• [Brief]:
Gather all lines with "CONTINUOUS" from the records.

• [Provided entries]:

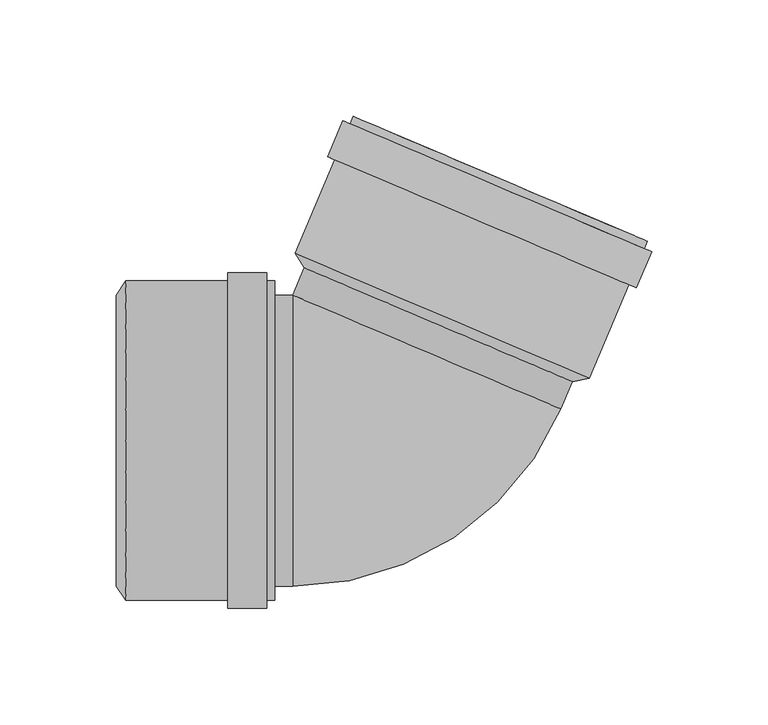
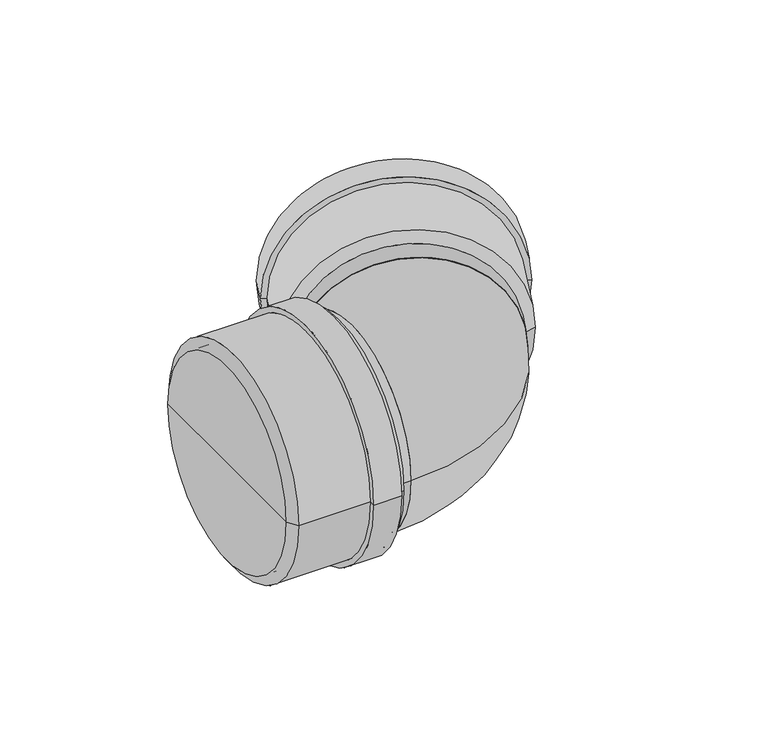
"""IFC4 building model written with IfcOpenShell, lengths in millimetres: pipe fitting geometry, pf_KGB : pf_KGB."""

from ifc_helpers import new_model, si_unit, point, frame, origin, origin_2d, place, context, project, spatial, polyline, circle_curve, ellipse_curve, trimmed, segment, composite_curve, outline, extrude, source, transform, mapped, element, save
from ifc_brep_helpers import plane_surface, cylinder_surface, revolved_surface, advanced_brep


def pipe_fitting_437f7f8f(model_context):
    return source(origin(), model_context, "Body", "SolidModel", [
        advanced_brep(
        [(78.6701074, 25.378617, 0.0), (-36.3929993, 74.2200081, 0.0), (-40.4060813, 80.3775379, 0.0), (85.8871846, 26.7692271, 0.0), (21.1385541, 49.7993126, 0.0), (110.8549037, 85.5894872, 0.0), (-15.4383622, 139.197798, 0.0), (-9.8232826, 136.8143381, 0.0), (105.2398241, 87.9729471, 0.0), (-16.766848, 136.0680815, 0.0), (109.5264179, 82.4597707, 0.0), (-19.8965645, 137.3965674, 0.0), (112.6561344, 81.1312849, 0.0), (-26.4608475, 121.9320858, 0.0), (106.0918514, 65.6668033, 0.0), (-23.331131, 120.6036, 0.0), (102.9621349, 66.9952892, 0.0), (80.272105, 29.1526869, 0.0), (-34.7910017, 77.994078, 0.0), (22.7405517, 53.5733825, 0.0)],
        [
            (0, 1, circle_curve(frame((21.1385541, 49.7993126, 0.0), z_axis=(0.39073112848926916, 0.9205048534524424, 0.0), x_axis=(-0.9205048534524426, 0.3907311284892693, 0.0)), 62.5)),
            (1, 2),
            (2, 3, circle_curve(frame((22.7405517, 53.5733825, 0.0), z_axis=(-0.39073112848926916, -0.9205048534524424, 0.0), x_axis=(-0.9205048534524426, 0.3907311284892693, 0.0)), 68.6)),
            (3, 0),
            (1, 0, circle_curve(frame((21.1385541, 49.7993126, 0.0), z_axis=(0.39073112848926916, 0.9205048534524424, 0.0), x_axis=(-0.9205048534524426, 0.3907311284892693, 0.0)), 62.5)),
            (3, 2, circle_curve(frame((22.7405517, 53.5733825, 0.0), z_axis=(-0.39073112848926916, -0.9205048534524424, 0.0), x_axis=(-0.9205048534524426, 0.3907311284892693, 0.0)), 68.6)),
            (4, 1),
            (0, 4),
            (5, 6, circle_curve(frame((47.7082708, 112.3936426, 0.0), z_axis=(0.39073112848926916, 0.9205048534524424, 0.0), x_axis=(-0.9205048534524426, 0.3907311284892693, 0.0)), 68.6)),
            (6, 7),
            (7, 8, circle_curve(frame((47.7082708, 112.3936426, 0.0), z_axis=(-0.39073112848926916, -0.9205048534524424, 0.0), x_axis=(-0.9205048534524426, 0.3907311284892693, 0.0)), 62.5)),
            (8, 5),
            (9, 10, circle_curve(frame((46.379785, 109.2639261, 0.0), z_axis=(0.39073112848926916, 0.9205048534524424, 0.0), x_axis=(-0.9205048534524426, 0.3907311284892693, 0.0)), 68.6)),
            (10, 5),
            (5, 6, circle_curve(frame((47.7082708, 112.3936426, 0.0), z_axis=(-0.39073112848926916, -0.9205048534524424, 0.0), x_axis=(-0.9205048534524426, 0.3907311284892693, 0.0)), 68.6)),
            (6, 9),
            (11, 12, circle_curve(frame((46.379785, 109.2639261, 0.0), z_axis=(0.39073112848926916, 0.9205048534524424, 0.0), x_axis=(-0.9205048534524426, 0.3907311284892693, 0.0)), 72.0)),
            (12, 10),
            (9, 11),
            (13, 14, circle_curve(frame((39.815502, 93.7994446, 0.0), z_axis=(0.39073112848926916, 0.9205048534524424, 0.0), x_axis=(-0.9205048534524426, 0.3907311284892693, 0.0)), 72.0)),
            (14, 12),
            (11, 13),
            (15, 16, circle_curve(frame((39.815502, 93.7994446, 0.0), z_axis=(0.39073112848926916, 0.9205048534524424, 0.0), x_axis=(-0.9205048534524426, 0.3907311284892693, 0.0)), 68.6)),
            (16, 14),
            (13, 15),
            (8, 7, circle_curve(frame((47.7082708, 112.3936426, 0.0), z_axis=(-0.39073112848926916, -0.9205048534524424, 0.0), x_axis=(-0.9205048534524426, 0.3907311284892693, 0.0)), 62.5)),
            (10, 9, circle_curve(frame((46.379785, 109.2639261, 0.0), z_axis=(0.39073112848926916, 0.9205048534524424, 0.0), x_axis=(-0.9205048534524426, 0.3907311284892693, 0.0)), 68.6)),
            (12, 11, circle_curve(frame((46.379785, 109.2639261, 0.0), z_axis=(0.39073112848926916, 0.9205048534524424, 0.0), x_axis=(-0.9205048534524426, 0.3907311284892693, 0.0)), 72.0)),
            (14, 13, circle_curve(frame((39.815502, 93.7994446, 0.0), z_axis=(0.39073112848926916, 0.9205048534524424, 0.0), x_axis=(-0.9205048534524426, 0.3907311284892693, 0.0)), 72.0)),
            (16, 15, circle_curve(frame((39.815502, 93.7994446, 0.0), z_axis=(0.39073112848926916, 0.9205048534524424, 0.0), x_axis=(-0.9205048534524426, 0.3907311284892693, 0.0)), 68.6)),
            (2, 15),
            (16, 3),
            (17, 18, circle_curve(frame((22.7405517, 53.5733825, 0.0), z_axis=(0.39073112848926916, 0.9205048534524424, 0.0), x_axis=(-0.9205048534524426, 0.3907311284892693, 0.0)), 62.5)),
            (18, 19),
            (19, 17),
            (18, 17, circle_curve(frame((22.7405517, 53.5733825, 0.0), z_axis=(0.39073112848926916, 0.9205048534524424, 0.0), x_axis=(-0.9205048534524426, 0.3907311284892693, 0.0)), 62.5)),
            (7, 18),
            (17, 8),
        ],
        [
            revolved_surface(polyline([(-40.4060813, 80.3775379, 0.0), (-36.3929993, 74.2200081, 0.0)]), (21.1385541, 49.7993126, 0.0), (-0.39073112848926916, -0.9205048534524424, 0.0)),
            plane_surface(frame((21.1385541, 49.7993126, 0.0), z_axis=(-0.39073112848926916, -0.9205048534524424, 0.0), x_axis=(-0.9205048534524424, 0.39073112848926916, 0.0))),
            plane_surface(frame((47.7082708, 112.3936426, 0.0), z_axis=(0.39073112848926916, 0.9205048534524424, 0.0), x_axis=(-0.9205048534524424, 0.39073112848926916, 0.0))),
            cylinder_surface(frame((21.1385541, 49.7993126, 0.0), z_axis=(-0.39073112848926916, -0.9205048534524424, 0.0), x_axis=(-0.9205048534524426, 0.3907311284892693, 0.0)), 68.6),
            plane_surface(frame((46.379785, 109.2639261, 0.0), z_axis=(0.39073112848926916, 0.9205048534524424, 0.0), x_axis=(-0.9205048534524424, 0.39073112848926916, 0.0))),
            cylinder_surface(frame((21.1385541, 49.7993126, 0.0), z_axis=(-0.39073112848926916, -0.9205048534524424, 0.0), x_axis=(-0.9205048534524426, 0.3907311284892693, 0.0)), 72.0),
            plane_surface(frame((39.815502, 93.7994446, 0.0), z_axis=(-0.39073112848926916, -0.9205048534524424, 0.0), x_axis=(-0.9205048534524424, 0.39073112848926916, 0.0))),
            plane_surface(frame((22.7405517, 53.5733825, 0.0), z_axis=(0.39073112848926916, 0.9205048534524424, 0.0), x_axis=(-0.9205048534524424, 0.39073112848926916, 0.0))),
            revolved_surface(polyline([(-34.79100164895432, 77.99407794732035, 0.0), (-9.823282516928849, 136.81433813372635, 0.0)]), (21.1385541, 49.7993126, 0.0), (-0.39073112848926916, -0.9205048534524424, 0.0)),
        ],
        [
            (0, [[1, 2, 3, 4]]),
            (0, [[5, -4, 6, -2]]),
            (1, [[7, -1, 8]]),
            (1, [[-8, -5, -7]]),
            (2, [[9, 10, 11, 12]]),
            (3, [[13, 14, 15, 16]]),
            (4, [[17, 18, -13, 19]]),
            (5, [[20, 21, -17, 22]]),
            (6, [[23, 24, -20, 25]]),
            (2, [[-15, -12, 26, -10]]),
            (3, [[27, -16, -9, -14]]),
            (4, [[28, -19, -27, -18]]),
            (5, [[29, -22, -28, -21]]),
            (6, [[30, -25, -29, -24]]),
            (3, [[-3, 31, -30, 32]]),
            (3, [[-6, -32, -23, -31]]),
            (7, [[33, 34, 35]]),
            (7, [[36, -35, -34]]),
            (8, [[-11, 37, -33, 38]]),
            (8, [[-26, -38, -36, -37]]),
        ],
    ),
        advanced_brep(
        [(-117.1, -62.5, 0.0), (-117.1, 62.5, 0.0), (-113.0, 68.6, 0.0), (-113.0, -68.6, 0.0), (-117.1, 0.0, 0.0), (-49.1, -68.6, 0.0), (-49.1, 68.6, 0.0), (-49.1, 62.5, 0.0), (-49.1, -62.5, 0.0), (-52.5, 68.6, 0.0), (-52.5, -68.6, 0.0), (-52.5, 72.0, 0.0), (-52.5, -72.0, 0.0), (-69.3, 72.0, 0.0), (-69.3, -72.0, 0.0), (-69.3, 68.6, 0.0), (-69.3, -68.6, 0.0), (-113.0, -62.5, 0.0), (-113.0, 62.5, 0.0), (-113.0, 0.0, 0.0)],
        [
            (0, 1, circle_curve(frame((-117.1, 0.0, 0.0), z_axis=(1.0, 0.0, 0.0), x_axis=(0.0, 1.0, 0.0)), 62.5)),
            (1, 2),
            (2, 3, circle_curve(frame((-113.0, 0.0, 0.0), z_axis=(-1.0, 0.0, 0.0), x_axis=(0.0, 1.0, 0.0)), 68.6)),
            (3, 0),
            (1, 0, circle_curve(frame((-117.1, 0.0, 0.0), z_axis=(1.0, 0.0, 0.0), x_axis=(0.0, 1.0, 0.0)), 62.5)),
            (3, 2, circle_curve(frame((-113.0, 0.0, 0.0), z_axis=(-1.0, 0.0, 0.0), x_axis=(0.0, 1.0, 0.0)), 68.6)),
            (4, 1),
            (0, 4),
            (5, 6, circle_curve(frame((-49.1, 0.0, 0.0), z_axis=(1.0, 0.0, 0.0), x_axis=(0.0, 1.0, 0.0)), 68.6)),
            (6, 7),
            (7, 8, circle_curve(frame((-49.1, 0.0, 0.0), z_axis=(-1.0, 0.0, 0.0), x_axis=(0.0, 1.0, 0.0)), 62.5)),
            (8, 5),
            (9, 10, circle_curve(frame((-52.5, 0.0, 0.0), z_axis=(1.0, 0.0, 0.0), x_axis=(0.0, 1.0, 0.0)), 68.6)),
            (10, 5),
            (5, 6, circle_curve(frame((-49.1, 0.0, 0.0), z_axis=(-1.0, 0.0, 0.0), x_axis=(0.0, 1.0, 0.0)), 68.6)),
            (6, 9),
            (11, 12, circle_curve(frame((-52.5, 0.0, 0.0), z_axis=(1.0, 0.0, 0.0), x_axis=(0.0, 1.0, 0.0)), 72.0)),
            (12, 10),
            (9, 11),
            (13, 14, circle_curve(frame((-69.3, 0.0, 0.0), z_axis=(1.0, 0.0, 0.0), x_axis=(0.0, 1.0, 0.0)), 72.0)),
            (14, 12),
            (11, 13),
            (15, 16, circle_curve(frame((-69.3, 0.0, 0.0), z_axis=(1.0, 0.0, 0.0), x_axis=(0.0, 1.0, 0.0)), 68.6)),
            (16, 14),
            (13, 15),
            (8, 7, circle_curve(frame((-49.1, 0.0, 0.0), z_axis=(-1.0, 0.0, 0.0), x_axis=(0.0, 1.0, 0.0)), 62.5)),
            (10, 9, circle_curve(frame((-52.5, 0.0, 0.0), z_axis=(1.0, 0.0, 0.0), x_axis=(0.0, 1.0, 0.0)), 68.6)),
            (12, 11, circle_curve(frame((-52.5, 0.0, 0.0), z_axis=(1.0, 0.0, 0.0), x_axis=(0.0, 1.0, 0.0)), 72.0)),
            (14, 13, circle_curve(frame((-69.3, 0.0, 0.0), z_axis=(1.0, 0.0, 0.0), x_axis=(0.0, 1.0, 0.0)), 72.0)),
            (16, 15, circle_curve(frame((-69.3, 0.0, 0.0), z_axis=(1.0, 0.0, 0.0), x_axis=(0.0, 1.0, 0.0)), 68.6)),
            (2, 15),
            (16, 3),
            (17, 18, circle_curve(frame((-113.0, 0.0, 0.0), z_axis=(1.0, 0.0, 0.0), x_axis=(0.0, 1.0, 0.0)), 62.5)),
            (18, 19),
            (19, 17),
            (18, 17, circle_curve(frame((-113.0, 0.0, 0.0), z_axis=(1.0, 0.0, 0.0), x_axis=(0.0, 1.0, 0.0)), 62.5)),
            (7, 18),
            (17, 8),
        ],
        [
            revolved_surface(polyline([(-113.0, 68.6, 0.0), (-117.1, 62.5, 0.0)]), (-117.1, 0.0, 0.0), (-1.0, 0.0, 0.0)),
            plane_surface(frame((-117.1, 0.0, 0.0), z_axis=(-1.0, 0.0, 0.0), x_axis=(0.0, 1.0, 0.0))),
            plane_surface(frame((-49.1, 0.0, 0.0), z_axis=(1.0, 0.0, 0.0), x_axis=(0.0, 1.0, 0.0))),
            cylinder_surface(frame((-117.1, 0.0, 0.0), z_axis=(-1.0, 0.0, 0.0), x_axis=(0.0, 1.0, 0.0)), 68.6),
            plane_surface(frame((-52.5, 0.0, 0.0), z_axis=(1.0, 0.0, 0.0), x_axis=(0.0, 1.0, 0.0))),
            cylinder_surface(frame((-117.1, 0.0, 0.0), z_axis=(-1.0, 0.0, 0.0), x_axis=(0.0, 1.0, 0.0)), 72.0),
            plane_surface(frame((-69.3, 0.0, 0.0), z_axis=(-1.0, 0.0, 0.0), x_axis=(0.0, 1.0, 0.0))),
            plane_surface(frame((-113.0, 0.0, 0.0), z_axis=(1.0, 0.0, 0.0), x_axis=(0.0, 1.0, 0.0))),
            revolved_surface(polyline([(-113.0, 62.5, 0.0), (-49.099999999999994, 62.5, 0.0)]), (-117.1, 0.0, 0.0), (-1.0, 0.0, 0.0)),
        ],
        [
            (0, [[1, 2, 3, 4]]),
            (0, [[5, -4, 6, -2]]),
            (1, [[7, -1, 8]]),
            (1, [[-8, -5, -7]]),
            (2, [[9, 10, 11, 12]]),
            (3, [[13, 14, 15, 16]]),
            (4, [[17, 18, -13, 19]]),
            (5, [[20, 21, -17, 22]]),
            (6, [[23, 24, -20, 25]]),
            (2, [[-15, -12, 26, -10]]),
            (3, [[27, -16, -9, -14]]),
            (4, [[28, -19, -27, -18]]),
            (5, [[29, -22, -28, -21]]),
            (6, [[30, -25, -29, -24]]),
            (3, [[-3, 31, -30, 32]]),
            (3, [[-6, -32, -23, -31]]),
            (7, [[33, 34, 35]]),
            (7, [[36, -35, -34]]),
            (8, [[-11, 37, -33, 38]]),
            (8, [[-26, -38, -36, -37]]),
        ],
    ),
        extrude(outline(composite_curve([segment(trimmed(circle_curve(origin_2d(), 62.5), [point((0.0, -62.5))], [point((0.0, 62.5))], False, "CARTESIAN"), True, "CONTINUOUS"), segment(trimmed(circle_curve(origin_2d(), 62.5), [point((0.0, 62.5))], [point((0.0, -62.5))], False, "CARTESIAN"), True, "CONTINUOUS")], self_intersect=False)), frame((16.1637058, 38.0793045, 0.0), z_axis=(0.39073112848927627, 0.9205048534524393, 0.0), x_axis=(0.0, 0.0, 1.0)), (0.0, 0.0, 1.0), 12.7321524),
        extrude(outline(composite_curve([segment(trimmed(circle_curve(origin_2d(), 62.5), [point((-62.5, 0.0))], [point((62.5, 0.0))], False, "CARTESIAN"), True, "CONTINUOUS"), segment(trimmed(circle_curve(origin_2d(), 62.5), [point((62.5, 0.0))], [point((-62.5, 0.0))], False, "CARTESIAN"), True, "CONTINUOUS")], self_intersect=False)), frame((-113.0, 0.0, 0.0), z_axis=(1.0, 0.0, 0.0), x_axis=(0.0, 1.0, 0.0)), (0.0, 0.0, 1.0), 71.6321524),
        advanced_brep(
        [(-41.3678476, -62.5, 0.0), (-41.3678476, 62.5, 0.0), (73.6952591, 13.6586089, 0.0)],
        [
            (0, 1, circle_curve(frame((-41.3678476, 0.0, 0.0), z_axis=(-1.0, 0.0, 0.0), x_axis=(0.0, 1.0, 0.0)), 62.5)),
            (1, 0, circle_curve(frame((-41.3678476, 0.0, 0.0), z_axis=(-1.0, 0.0, 0.0), x_axis=(0.0, 1.0, 0.0)), 62.5)),
            (2, 1, circle_curve(frame((16.1637058, 38.0793045, 0.0), z_axis=(0.39073112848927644, 0.9205048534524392, 0.0), x_axis=(-0.9205048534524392, 0.39073112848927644, 0.0)), 62.5)),
            (1, 2, circle_curve(frame((16.1637058, 38.0793045, 0.0), z_axis=(0.39073112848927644, 0.9205048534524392, 0.0), x_axis=(-0.9205048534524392, 0.39073112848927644, 0.0)), 62.5)),
            (2, 0, circle_curve(frame((-41.3678476, 62.5, 0.0), z_axis=(0.0, 0.0, -1.0), x_axis=(0.0, -1.0, 0.0)), 125.0)),
        ],
        [
            plane_surface(frame((-41.3678476, 62.5, -14.8), z_axis=(-1.0, 0.0, 0.0), x_axis=(0.0, -1.0, 0.0))),
            plane_surface(frame((-41.3678476, 62.5, -14.8), z_axis=(0.39073112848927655, 0.9205048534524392, 0.0), x_axis=(0.9205048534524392, -0.39073112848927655, 0.0))),
            revolved_surface(trimmed(ellipse_curve(frame((-41.3678476, 0.0, 0.0), z_axis=(1.0, 0.0, 0.0), x_axis=(0.0, 1.0, 0.0)), 62.5, 62.5), [point((-41.3678476, -62.5, 0.0))], [point((-41.3678476, 62.5, 0.0))], True, "CARTESIAN"), (-41.3678476, 62.5, -14.8), (0.0, 0.0, -1.0)),
            revolved_surface(trimmed(ellipse_curve(frame((-41.3678476, 0.0, 0.0), z_axis=(1.0, 0.0, 0.0), x_axis=(0.0, 1.0, 0.0)), 62.5, 62.5), [point((-41.3678476, 62.5, 0.0))], [point((-41.3678476, -62.5, 0.0))], True, "CARTESIAN"), (-41.3678476, 62.5, -14.8), (0.0, 0.0, -1.0)),
        ],
        [
            (0, [[1, 2]]),
            (1, [[3, 4]]),
            (2, [[5, -2, -3]]),
            (3, [[-1, -5, -4]]),
        ],
    ),
    ])


if __name__ == "__main__":
    model = new_model("IFC4")
    model_context = context("Model", 3, world=origin())
    ifc_project = project(units=[si_unit("LENGTHUNIT", "METRE", prefix="MILLI")], contexts=[model_context])
    site = spatial("IfcSite", under=ifc_project)
    building = spatial("IfcBuilding", under=site)
    placement = place(None, origin())
    pipe_fitting_shape = pipe_fitting_437f7f8f(model_context)
    element("IfcPipeFitting", 1, ObjectType="pf_KGB : pf_KGB", at=placement, inside=building, context=model_context, shape_type="MappedRepresentation", body=[
        mapped(pipe_fitting_shape, transform((0.0, 0.0, 0.0), x_axis=(1.0, 0.0, 0.0), y_axis=(0.0, 1.0, 0.0), z_axis=(0.0, 0.0, 1.0))),
    ])
    save(model, "model.ifc")

• [Response to this exercise]:
        extrude(outline(composite_curve([segment(trimmed(circle_curve(origin_2d(), 62.5), [point((0.0, -62.5))], [point((0.0, 62.5))], False, "CARTESIAN"), True, "CONTINUOUS"), segment(trimmed(circle_curve(origin_2d(), 62.5), [point((0.0, 62.5))], [point((0.0, -62.5))], False, "CARTESIAN"), True, "CONTINUOUS")], self_intersect=False)), frame((16.1637058, 38.0793045, 0.0), z_axis=(0.39073112848927627, 0.9205048534524393, 0.0), x_axis=(0.0, 0.0, 1.0)), (0.0, 0.0, 1.0), 12.7321524),
        extrude(outline(composite_curve([segment(trimmed(circle_curve(origin_2d(), 62.5), [point((-62.5, 0.0))], [point((62.5, 0.0))], False, "CARTESIAN"), True, "CONTINUOUS"), segment(trimmed(circle_curve(origin_2d(), 62.5), [point((62.5, 0.0))], [point((-62.5, 0.0))], False, "CARTESIAN"), True, "CONTINUOUS")], self_intersect=False)), frame((-113.0, 0.0, 0.0), z_axis=(1.0, 0.0, 0.0), x_axis=(0.0, 1.0, 0.0)), (0.0, 0.0, 1.0), 71.6321524),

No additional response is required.